Authenticity of dialogue vs. alienating the reader

by Caitlin Kerrigan
9th August 2014

So I'm currently writing a medical drama. Basically it revolves around two doctors - one who becomes the victim in a rail accident, the other who is a first responder to the accident. The novel rotates around the way both their lives change following the accident - both physically and mentally - and the way their shared trauma forges a friendship between the pair.

The problem I'm having is because I'm writing this from the point-of-view of not one, but two doctors, is that a lot of medical terminology is slipping into it, just by the virtue of them being doctors. I'm a bit worried if I write too much in medical lingo, that anyone who might read it might be alienated by it. At the same time, I feel like if I alter my language too much, it might not feel authentic.

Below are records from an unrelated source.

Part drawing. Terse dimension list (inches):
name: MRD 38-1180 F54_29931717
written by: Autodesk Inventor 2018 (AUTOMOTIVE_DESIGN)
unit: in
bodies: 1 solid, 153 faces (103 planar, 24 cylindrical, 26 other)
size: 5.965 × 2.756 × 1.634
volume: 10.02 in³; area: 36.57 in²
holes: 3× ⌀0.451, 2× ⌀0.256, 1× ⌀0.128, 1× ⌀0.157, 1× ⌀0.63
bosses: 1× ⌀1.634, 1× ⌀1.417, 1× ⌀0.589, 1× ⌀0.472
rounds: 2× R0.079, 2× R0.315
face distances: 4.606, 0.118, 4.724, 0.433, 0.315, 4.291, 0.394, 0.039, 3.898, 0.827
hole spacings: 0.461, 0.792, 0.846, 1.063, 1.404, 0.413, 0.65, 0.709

Does anyone have any suggestions as how to balance the two? How much medical lingo do you think the general populace would understand?

Thanks.

Replies

Have you read Robin Cook's 'Coma'? Or Patricia Cornwell? Both those author's seem to include quite a lot of medical terminology without alienating readers.

I understand it is difficult, though. I wanted to try getting readers to feel how necessary to life horses were in the 19th century. Problem is that in those times most people had regular contact with them so there was a lot of what a friend of mine calls 'assumed knowledge' - it was common sense you didn't creep up behind a strange horse and give it a friendly slap on the backside.

We've lost that knowledge today, and you generally wouldn't have one character explain something horse-related to another, and thus the reader, because in real life he wouldn't need to. Since dealing with equines is a fairly physical thing anyway I tried to explain by character action in the narrative rather than in conversation, and that might work in some way for you.

Best of luck :)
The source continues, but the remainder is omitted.